Search code examples
indexingrdfsemantic-webtriplestore

Incremental indexing for semantic search


I wonder if there are some standards or best practices, in performing an incremental indexation of a triple store for semantic search purpose.

Indeed to support semantic search one usually use solr or elasticsearch where resource are indexed according to some specific SPARQL query. While one can re-index its entire resources set once a day for instance, it is not that desirable. Hence comes the need to perform it incrementally. However that requires somehow to track changes, with the ultimate goat to be able to keep on indexing or deleting whatever has changed only.

For instance to only index what has change, the SPARQL query should include some timestamp filter somehow.

If anyone has some suggestions, or experience on performing it, that he would like to share this would be well apreciated

So far I am being somewhat inspired by EEA ElasticSearch RDF River Plugin.

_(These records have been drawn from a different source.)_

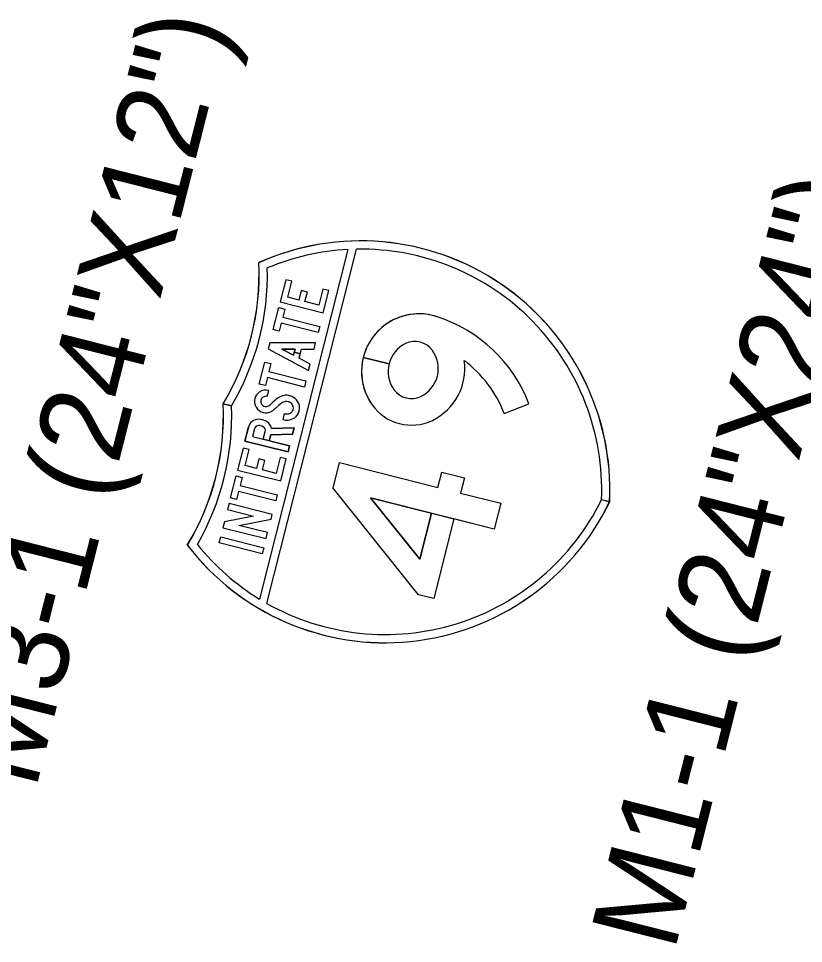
# Model space of a CAD drawing. Extents: x 670257 to 671518, y 737783 to 738188.
# Drawn here: x 670270.867 to 670273.131, y 738132.962 to 738135.629 of the extents above; entities that cross this region are included whole.
import ezdxf

# ---------------------------------------------------------------- set-up
doc = ezdxf.new("R2010")
doc.units = 0
doc.layers.add('R_SIGN_ANNOT', color=7, linetype='Continuous')
doc.layers.add('R_SIGN_HWY102', color=7, linetype='Continuous')

msp = doc.modelspace()

# ---------------------------------------------------------------- linework, layer by layer
at = {"layer": 'R_SIGN_HWY102'}
for p, q in [((670271.9354, 738134.6332), (670271.8611, 738134.652)), ((670271.8611, 738134.652), (670271.9354, 738134.6332)), ((670271.9354, 738134.6332), (670271.8611, 738134.652)), ((670271.8611, 738134.652), (670271.9354, 738134.6332)), ((670271.9354, 738134.6332), (670271.9354, 738134.6332)), ((670271.9354, 738134.6332), (670271.9354, 738134.6332)), ((670272.2675, 738134.4907), (670272.339, 738134.5185)), ((670272.2675, 738134.4907), (670272.339, 738134.5185)), ((670272.2675, 738134.4907), (670272.339, 738134.5185)), ((670271.53, 738134.4508), (670271.5198, 738134.4108)), ((670271.5474, 738134.4464), (670271.5474, 738134.4464)), ((670271.5785, 738134.4385), (670271.5785, 738134.4385)), ((670271.5785, 738134.4385), (670271.5785, 738134.4385))]:
    msp.add_line(p, q, dxfattribs=at)
for points in [[(670271.8167, 738134.9631), (670271.5616, 738133.9553)], [(670271.5831, 738133.9426), (670271.8416, 738134.964)], [(670271.5842, 738134.5394), (670271.5887, 738134.5568)], [(670271.5842, 738134.5394), (670271.5887, 738134.5568)], [(670271.5842, 738134.5394), (670271.5887, 738134.5568)], [(670271.4569, 738134.518), (670271.4811, 738134.5119)], [(670271.4811, 738134.5119), (670271.4569, 738134.518)], [(670271.6333, 738134.4899), (670271.6289, 738134.4725)], [(670271.6333, 738134.4899), (670271.6289, 738134.4725)], [(670271.6333, 738134.4899), (670271.6289, 738134.4725)], [(670271.5474, 738134.4464), (670271.5417, 738134.4238), (670271.6486, 738134.3967), (670271.6442, 738134.3793), (670271.5198, 738134.4108), (670271.53, 738134.4508)], [(670271.5474, 738134.4464), (670271.5417, 738134.4238), (670271.6486, 738134.3967), (670271.6442, 738134.3793), (670271.5198, 738134.4108), (670271.53, 738134.4508)], [(670271.5198, 738134.4108), (670271.6442, 738134.3793), (670271.6486, 738134.3967), (670271.5902, 738134.4115), (670271.5946, 738134.429), (670271.6573, 738134.4309), (670271.6618, 738134.449), (670271.5963, 738134.447)], [(670271.5474, 738134.4464), (670271.5417, 738134.4238), (670271.5728, 738134.4159), (670271.5785, 738134.4385)], [(670271.5963, 738134.447), (670271.6618, 738134.449), (670271.6573, 738134.4309), (670271.5946, 738134.429), (670271.5902, 738134.4115), (670271.5728, 738134.416), (670271.5785, 738134.4385)], [(670271.5963, 738134.447), (670271.6618, 738134.449), (670271.6573, 738134.4309), (670271.5946, 738134.429), (670271.5902, 738134.4115), (670271.5728, 738134.416), (670271.5785, 738134.4385)], [(670272.5481, 738134.2419), (670272.5719, 738134.2358)], [(670272.5719, 738134.2358), (670272.5481, 738134.2418)], [(670272.5716, 738134.2359), (670272.5719, 738134.2358)], [(670272.5719, 738134.2358), (670272.5716, 738134.2359)]]:
    msp.add_lwpolyline(points, dxfattribs=at)
for points in [[(670271.7328, 738134.8028), (670271.693, 738134.8128), (670271.6999, 738134.8401), (670271.6825, 738134.8445), (670271.6756, 738134.8172), (670271.6433, 738134.8254), (670271.6549, 738134.8714), (670271.6375, 738134.8759), (670271.6215, 738134.8124), (670271.7459, 738134.7809), (670271.7619, 738134.8444), (670271.7445, 738134.8488)], [(670271.7328, 738134.8028), (670271.693, 738134.8128), (670271.6999, 738134.8401), (670271.6825, 738134.8445), (670271.6756, 738134.8172), (670271.6433, 738134.8254), (670271.6549, 738134.8714), (670271.6375, 738134.8759), (670271.6215, 738134.8124), (670271.7459, 738134.7809), (670271.7619, 738134.8444), (670271.7445, 738134.8488)], [(670271.7328, 738134.8028), (670271.693, 738134.8128), (670271.6999, 738134.8401), (670271.6825, 738134.8445), (670271.6756, 738134.8172), (670271.6433, 738134.8254), (670271.6549, 738134.8714), (670271.6375, 738134.8759), (670271.6215, 738134.8124), (670271.7459, 738134.7809), (670271.7619, 738134.8444), (670271.7445, 738134.8488)], [(670271.6244, 738134.751), (670271.6186, 738134.7279), (670271.6012, 738134.7324), (670271.6173, 738134.7958), (670271.6347, 738134.7914), (670271.6289, 738134.7684), (670271.7358, 738134.7413), (670271.7314, 738134.7239)], [(670271.6244, 738134.751), (670271.6186, 738134.7279), (670271.6012, 738134.7324), (670271.6173, 738134.7958), (670271.6347, 738134.7914), (670271.6289, 738134.7684), (670271.7358, 738134.7413), (670271.7314, 738134.7239)], [(670271.6244, 738134.751), (670271.6186, 738134.7279), (670271.6012, 738134.7324), (670271.6173, 738134.7958), (670271.6347, 738134.7914), (670271.6289, 738134.7684), (670271.7358, 738134.7413), (670271.7314, 738134.7239)], [(670271.6761, 738134.6493), (670271.6829, 738134.6759), (670271.7192, 738134.6758), (670271.7238, 738134.6937), (670271.5915, 738134.6941), (670271.5871, 738134.6767), (670271.7036, 738134.6141), (670271.7082, 738134.6321)], [(670271.6621, 738134.667), (670271.6598, 738134.6581), (670271.6263, 738134.6761), (670271.6644, 738134.676), (670271.6621, 738134.667), (670271.6795, 738134.6626), (670271.6829, 738134.6759), (670271.7192, 738134.6758), (670271.7238, 738134.6937), (670271.5915, 738134.6941), (670271.5871, 738134.6767), (670271.7036, 738134.6141), (670271.7082, 738134.6321), (670271.6761, 738134.6493), (670271.6795, 738134.6626)], [(670271.6621, 738134.667), (670271.6598, 738134.6581), (670271.6263, 738134.6761), (670271.6644, 738134.676), (670271.6621, 738134.667), (670271.6795, 738134.6626), (670271.6829, 738134.6759), (670271.7192, 738134.6758), (670271.7238, 738134.6937), (670271.5915, 738134.6941), (670271.5871, 738134.6767), (670271.7036, 738134.6141), (670271.7082, 738134.6321), (670271.6761, 738134.6493), (670271.6795, 738134.6626)], [(670271.6644, 738134.676), (670271.6263, 738134.6761), (670271.6598, 738134.6581)], [(670271.5846, 738134.5937), (670271.5788, 738134.5707), (670271.5614, 738134.5751), (670271.5775, 738134.6385), (670271.5949, 738134.6341), (670271.5891, 738134.6111), (670271.696, 738134.584), (670271.6916, 738134.5666)], [(670271.5846, 738134.5937), (670271.5788, 738134.5707), (670271.5614, 738134.5751), (670271.5775, 738134.6385), (670271.5949, 738134.6341), (670271.5891, 738134.6111), (670271.696, 738134.584), (670271.6916, 738134.5666)], [(670271.5846, 738134.5937), (670271.5788, 738134.5707), (670271.5614, 738134.5751), (670271.5775, 738134.6385), (670271.5949, 738134.6341), (670271.5891, 738134.6111), (670271.696, 738134.584), (670271.6916, 738134.5666)], [(670271.6101, 738134.3175), (670271.5703, 738134.3276), (670271.5771, 738134.3548), (670271.5597, 738134.3592), (670271.5528, 738134.332), (670271.5205, 738134.3402), (670271.5321, 738134.3862), (670271.5147, 738134.3906), (670271.4987, 738134.3272), (670271.6231, 738134.2957), (670271.6391, 738134.3591), (670271.6217, 738134.3635)], [(670271.6101, 738134.3175), (670271.5703, 738134.3276), (670271.5771, 738134.3548), (670271.5597, 738134.3592), (670271.5528, 738134.332), (670271.5205, 738134.3402), (670271.5321, 738134.3862), (670271.5147, 738134.3906), (670271.4987, 738134.3272), (670271.6231, 738134.2957), (670271.6391, 738134.3591), (670271.6217, 738134.3635)], [(670271.6101, 738134.3175), (670271.5703, 738134.3276), (670271.5771, 738134.3548), (670271.5597, 738134.3592), (670271.5528, 738134.332), (670271.5205, 738134.3402), (670271.5321, 738134.3862), (670271.5147, 738134.3906), (670271.4987, 738134.3272), (670271.6231, 738134.2957), (670271.6391, 738134.3591), (670271.6217, 738134.3635)], [(670272.2388, 738134.1571), (670272.1227, 738134.1864), (670272.0645, 738133.9565), (670272.0204, 738133.9676), (670271.7743, 738134.2746), (670271.7931, 738134.349), (670272.0765, 738134.2772), (670272.0876, 738134.3214), (670272.1527, 738134.3049), (670272.1415, 738134.2608), (670272.2577, 738134.2314)], [(670272.0876, 738134.3214), (670272.1527, 738134.3049), (670272.1415, 738134.2608), (670272.2577, 738134.2314), (670272.2388, 738134.1571), (670271.8821, 738134.2473), (670272.0241, 738134.0703), (670272.0577, 738134.2029), (670272.1227, 738134.1864), (670272.0645, 738133.9565), (670272.0204, 738133.9676), (670271.7743, 738134.2746), (670271.7931, 738134.349), (670272.0765, 738134.2772)], [(670272.0876, 738134.3214), (670272.1527, 738134.3049), (670272.1415, 738134.2608), (670272.2577, 738134.2314), (670272.2388, 738134.1571), (670271.8821, 738134.2473), (670272.0241, 738134.0703), (670272.0577, 738134.2029), (670272.1227, 738134.1864), (670272.0645, 738133.9565), (670272.0204, 738133.9676), (670271.7743, 738134.2746), (670271.7931, 738134.349), (670272.0765, 738134.2772)], [(670271.5017, 738134.2657), (670271.4958, 738134.2427), (670271.4784, 738134.2471), (670271.4945, 738134.3105), (670271.5119, 738134.3061), (670271.5061, 738134.2831), (670271.613, 738134.2561), (670271.6086, 738134.2386)], [(670271.5017, 738134.2657), (670271.4958, 738134.2427), (670271.4784, 738134.2471), (670271.4945, 738134.3105), (670271.5119, 738134.3061), (670271.5061, 738134.2831), (670271.613, 738134.2561), (670271.6086, 738134.2386)], [(670271.5017, 738134.2657), (670271.4958, 738134.2427), (670271.4784, 738134.2471), (670271.4945, 738134.3105), (670271.5119, 738134.3061), (670271.5061, 738134.2831), (670271.613, 738134.2561), (670271.6086, 738134.2386)], [(670271.5951, 738134.1853), (670271.5986, 738134.199), (670271.4742, 738134.2305), (670271.4698, 738134.2131), (670271.545, 738134.194), (670271.4609, 738134.178), (670271.4566, 738134.1608), (670271.581, 738134.1294), (670271.5854, 738134.1468), (670271.5027, 738134.1677)], [(670271.5951, 738134.1853), (670271.5986, 738134.199), (670271.4742, 738134.2305), (670271.4698, 738134.2131), (670271.545, 738134.194), (670271.4609, 738134.178), (670271.4566, 738134.1608), (670271.581, 738134.1294), (670271.5854, 738134.1468), (670271.5027, 738134.1677)], [(670271.5951, 738134.1853), (670271.5986, 738134.199), (670271.4742, 738134.2305), (670271.4698, 738134.2131), (670271.545, 738134.194), (670271.4609, 738134.178), (670271.4566, 738134.1608), (670271.581, 738134.1294), (670271.5854, 738134.1468), (670271.5027, 738134.1677)], [(670272.0241, 738134.0703), (670271.8821, 738134.2473), (670272.0577, 738134.2029)], [(670271.4456, 738134.1173), (670271.45, 738134.1347), (670271.5743, 738134.1032), (670271.5699, 738134.0858)], [(670271.4456, 738134.1173), (670271.45, 738134.1347), (670271.5743, 738134.1032), (670271.5699, 738134.0858)], [(670271.4456, 738134.1173), (670271.45, 738134.1347), (670271.5743, 738134.1032), (670271.5699, 738134.0858)]]:
    msp.add_lwpolyline(points, close=True, dxfattribs=at)
for centre, radius, start, end in [((670271.8538, 738134.2692), 0.7188, 357.337, 114.1302), ((670271.8538, 738134.2692), 0.7188, 357.337, 114.1302), ((670271.8538, 738134.2692), 0.7186, 357.3411, 114.1164), ((670271.8538, 738134.2692), 0.6949, 93.0624, 112.8033), ((670271.8538, 738134.2692), 0.6949, 357.7406, 91.0045), ((670270.8419, 738134.8903), 0.7188, 328.8092, 2.79), ((670270.8419, 738134.8903), 0.7188, 328.8082, 2.79), ((670270.8419, 738134.8903), 0.7191, 328.8143, 2.7762), ((670270.8419, 738134.8903), 0.7428, 329.3731, 1.5066), ((670270.7389, 738134.483), 0.7188, 328.8082, 2.79), ((670270.7389, 738134.483), 0.7188, 328.8082, 2.79), ((670270.7389, 738134.483), 0.7191, 328.8219, 2.7838), ((670270.7389, 738134.483), 0.7428, 330.0915, 2.226), ((670271.9243, 738134.548), 0.7188, 217.4679, 334.2621), ((670271.9243, 738134.548), 0.7188, 217.4679, 334.2621), ((670271.9243, 738134.548), 0.7186, 217.4817, 334.258), ((670271.9243, 738134.548), 0.6949, 240.5936, 333.8585), ((670271.9243, 738134.548), 0.6949, 218.7948, 238.5357)]:
    msp.add_arc(centre, radius, start, end, dxfattribs=at)
for centre, major_axis, ratio, start_param, end_param in [((670272.0223, 738134.6114), (-0.1611, 0.0408), 0.999994, 4.64468, 7.149545), ((670272.0223, 738134.6114), (-0.1611, 0.0408), 0.999994, 4.64468, 6.284272), ((670272.0223, 738134.6114), (-0.1611, 0.0408), 0.999994, 4.64468, 6.284272), ((670271.9415, 738134.3639), (-0.4135, 0.1046), 0.999994, 3.760338, 4.64468), ((670271.9415, 738134.3639), (-0.4135, 0.1046), 0.999994, 3.760338, 4.64468), ((670271.9415, 738134.3639), (-0.4135, 0.1046), 0.999994, 3.760338, 4.64468), ((670272.0102, 738134.6355), (-0.0604, 0.0153), 0.999994, 4.014643, 5.410135), ((670272.0102, 738134.6355), (-0.0604, 0.0153), 0.999994, 4.014643, 5.410135), ((670272.0102, 738134.6355), (-0.0604, 0.0153), 0.999994, 4.014643, 5.410135), ((670272.0218, 738134.6113), (-0.0864, 0.0219), 0.999994, 5.410135, 7.156235), ((670272.0218, 738134.6113), (-0.0864, 0.0219), 0.999994, 5.410135, 6.283185), ((670272.0218, 738134.6113), (-0.0864, 0.0219), 0.999994, 5.410135, 6.283185), ((670272.0223, 738134.6114), (-0.1611, 0.0408), 0.999994, 0.001231, 0.86636), ((670272.0223, 738134.6114), (-0.1611, 0.0408), 0.999994, 0.001231, 0.86636), ((670271.9884, 738134.6198), (-0.0864, 0.0219), 0.999994, 2.268543, 4.014643), ((670271.9884, 738134.6198), (-0.0864, 0.0219), 0.999994, 2.268543, 4.014643), ((670271.9884, 738134.6198), (-0.0864, 0.0219), 0.999994, 2.268543, 4.014643), ((670272.0218, 738134.6113), (-0.0864, 0.0219), 0.999994, 0.000269, 0.87305), ((670272.0218, 738134.6113), (-0.0864, 0.0219), 0.999994, 0.000269, 0.87305), ((670271.9884, 738134.6198), (-0.1607, 0.0407), 0.999994, 2.268543, 3.529077), ((670271.9884, 738134.6198), (-0.1607, 0.0407), 0.999994, 2.268543, 3.529077), ((670271.9884, 738134.6198), (-0.1607, 0.0407), 0.999994, 2.268543, 3.529077), ((670271.9415, 738134.3639), (-0.3391, 0.0858), 0.999994, 3.760338, 4.312274), ((670271.9415, 738134.3639), (-0.3391, 0.0858), 0.999994, 3.760338, 4.312274), ((670271.9415, 738134.3639), (-0.3391, 0.0858), 0.999994, 3.760338, 4.312274), ((670271.5795, 738134.5256), (-0.031, 0.0078), 0.999999, 5.561989, 6.283185), ((670271.5795, 738134.5256), (-0.031, 0.0078), 0.999999, 5.561989, 6.283185), ((670271.5795, 738134.5256), (-0.031, 0.0078), 0.999999, 5.561989, 6.283185), ((670271.5804, 738134.5243), (-0.0325, 0.0082), 0.999999, 4.712389, 5.561989), ((670271.5804, 738134.5243), (-0.0325, 0.0082), 0.999999, 4.712389, 5.561989), ((670271.5804, 738134.5243), (-0.0325, 0.0082), 0.999999, 4.712389, 5.561989), ((670271.6391, 738134.5037), (-0.0379, 0.0096), 0.999999, 4.712389, 5.373599), ((670271.6391, 738134.5037), (-0.0379, 0.0096), 0.999999, 4.712389, 5.373599), ((670271.6391, 738134.5037), (-0.0379, 0.0096), 0.999999, 4.712389, 5.373599), ((670272.0001, 738134.5956), (-0.0604, 0.0153), 0.999994, 0.87305, 2.268543), ((670272.0001, 738134.5956), (-0.0604, 0.0153), 0.999994, 0.87305, 2.268543), ((670272.0001, 738134.5956), (-0.0604, 0.0153), 0.999994, 0.87305, 2.268543), ((670271.5806, 738134.5253), (-0.032, 0.0081), 0.999999, 6.283184, 7.853982), ((670271.5806, 738134.5253), (-0.032, 0.0081), 0.999999, 6.283184, 7.853982), ((670271.5806, 738134.5253), (-0.032, 0.0081), 0.999999, 6.283184, 7.853982), ((670271.5806, 738134.5253), (-0.0146, 0.0037), 0.999999, 6.283183, 7.853981), ((670271.5806, 738134.5253), (-0.0146, 0.0037), 0.999999, 6.283183, 7.853981), ((670271.5806, 738134.5253), (-0.0146, 0.0037), 0.999999, 6.283183, 7.853981), ((670271.5795, 738134.5256), (-0.0135, 0.0034), 0.999999, 5.561989, 6.283185), ((670271.5795, 738134.5256), (-0.0135, 0.0034), 0.999999, 5.561989, 6.283185), ((670271.5795, 738134.5256), (-0.0135, 0.0034), 0.999999, 5.561989, 6.283185), ((670271.5804, 738134.5243), (-0.0151, 0.0038), 0.999999, 4.712389, 5.561989), ((670271.5804, 738134.5243), (-0.0151, 0.0038), 0.999999, 4.712389, 5.561989), ((670271.5804, 738134.5243), (-0.0151, 0.0038), 0.999999, 4.712389, 5.561989), ((670272.1065, 738133.9622), (-0.732, 0.1852), 0.999999, 5.679143, 5.709053), ((670272.1065, 738133.9622), (-0.732, 0.1852), 0.999999, 5.679143, 5.709053), ((670272.1065, 738133.9622), (-0.732, 0.1852), 0.999999, 5.679143, 5.709053), ((670272.1065, 738133.9622), (-0.7146, 0.1808), 0.999999, 5.679143, 5.709053), ((670272.1065, 738133.9622), (-0.7146, 0.1808), 0.999999, 5.679143, 5.709053), ((670272.1065, 738133.9622), (-0.7146, 0.1808), 0.999999, 5.679143, 5.709053), ((670271.6456, 738134.4889), (-0.0536, 0.0136), 0.999999, 5.373599, 5.679143), ((670271.6456, 738134.4889), (-0.0536, 0.0136), 0.999999, 5.373599, 5.679143), ((670271.6456, 738134.4889), (-0.0536, 0.0136), 0.999999, 5.373599, 5.679143), ((670271.6456, 738134.4889), (-0.0361, 0.0091), 0.999999, 5.373599, 5.679143), ((670271.6456, 738134.4889), (-0.0361, 0.0091), 0.999999, 5.373599, 5.679143), ((670271.6456, 738134.4889), (-0.0361, 0.0091), 0.999999, 5.373599, 5.679143), ((670271.6391, 738134.5037), (-0.0205, 0.0052), 0.999999, 4.712389, 5.373599), ((670271.6391, 738134.5037), (-0.0205, 0.0052), 0.999999, 4.712389, 5.373599), ((670271.6391, 738134.5037), (-0.0205, 0.0052), 0.999999, 4.712389, 5.373599), ((670271.6382, 738134.5002), (-0.024, 0.0061), 0.999999, 4.552917, 4.712389), ((670271.6382, 738134.5002), (-0.024, 0.0061), 0.999999, 4.552917, 4.712389), ((670271.6382, 738134.5002), (-0.024, 0.0061), 0.999999, 4.552917, 4.712389), ((670271.64, 738134.5044), (-0.0195, 0.0049), 0.999999, 3.967076, 4.552917), ((670271.64, 738134.5044), (-0.0195, 0.0049), 0.999999, 3.967076, 4.552917), ((670271.64, 738134.5044), (-0.0195, 0.0049), 0.999999, 3.967076, 4.552917), ((670271.6382, 738134.5002), (-0.0414, 0.0105), 0.999999, 4.552917, 4.712389), ((670271.6382, 738134.5002), (-0.0414, 0.0105), 0.999999, 4.552917, 4.712389), ((670271.6382, 738134.5002), (-0.0414, 0.0105), 0.999999, 4.552917, 4.712389), ((670271.64, 738134.5044), (-0.0369, 0.0093), 0.999999, 3.967076, 4.552917), ((670271.64, 738134.5044), (-0.0369, 0.0093), 0.999999, 3.967076, 4.552917), ((670271.64, 738134.5044), (-0.0369, 0.0093), 0.999999, 3.967076, 4.552917), ((670271.6429, 738134.5063), (-0.0336, 0.0085), 0.999999, 3.141593, 3.967076), ((670271.6429, 738134.5063), (-0.0336, 0.0085), 0.999999, 3.141593, 3.967076), ((670271.6429, 738134.5063), (-0.0336, 0.0085), 0.999999, 3.141593, 3.967076), ((670271.5806, 738134.5254), (-0.0321, 0.0081), 0.999999, 1.570796, 2.321595), ((670271.5806, 738134.5254), (-0.0321, 0.0081), 0.999999, 1.570796, 2.321595), ((670271.5806, 738134.5254), (-0.0321, 0.0081), 0.999999, 1.570796, 2.321595), ((670271.5806, 738134.5254), (-0.0147, 0.0037), 0.999999, 1.570796, 2.321595), ((670271.5806, 738134.5254), (-0.0147, 0.0037), 0.999999, 1.570796, 2.321595), ((670271.5806, 738134.5254), (-0.0147, 0.0037), 0.999999, 1.570796, 2.321595), ((670271.577, 738134.5319), (-0.0219, 0.0055), 0.999999, 2.321595, 2.56746), ((670271.577, 738134.5319), (-0.0219, 0.0055), 0.999999, 2.321595, 2.56746), ((670271.577, 738134.5319), (-0.0219, 0.0055), 0.999999, 2.321595, 2.56746), ((670271.577, 738134.5319), (-0.0393, 0.01), 0.999999, 2.321595, 2.56746), ((670271.577, 738134.5319), (-0.0393, 0.01), 0.999999, 2.321595, 2.56746), ((670271.577, 738134.5319), (-0.0393, 0.01), 0.999999, 2.321595, 2.56746), ((670271.6412, 738134.5098), (-0.0201, 0.0051), 0.999999, 1.909925, 2.431476), ((670271.6412, 738134.5098), (-0.0201, 0.0051), 0.999999, 1.909925, 2.431476), ((670271.6412, 738134.5098), (-0.0201, 0.0051), 0.999999, 1.909925, 2.431476), ((670271.6459, 738134.5032), (-0.0123, 0.0031), 0.999999, 2.431476, 2.811358), ((670271.6459, 738134.5032), (-0.0123, 0.0031), 0.999999, 2.431476, 2.811358), ((670271.6459, 738134.5032), (-0.0123, 0.0031), 0.999999, 2.431476, 2.811358), ((670271.6401, 738134.507), (-0.019, 0.0048), 0.999999, 2.811358, 3.141593), ((670271.6401, 738134.507), (-0.019, 0.0048), 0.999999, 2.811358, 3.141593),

I'm also looking at the ontology Changeset Ontology.


Solution

  • The easiest way to accomplish this would be to get something involved in the transaction lifecycle. Then you're able to see the changes to the database which will give you the graph that needs to be indexed.

    But don't dismiss doing a full re-index on a periodic schedule, such as nightly. Unless your requirement is that full-text searches must always be against the most recent data and your data changes quickly, a full re-index on a regular basis will work just fine.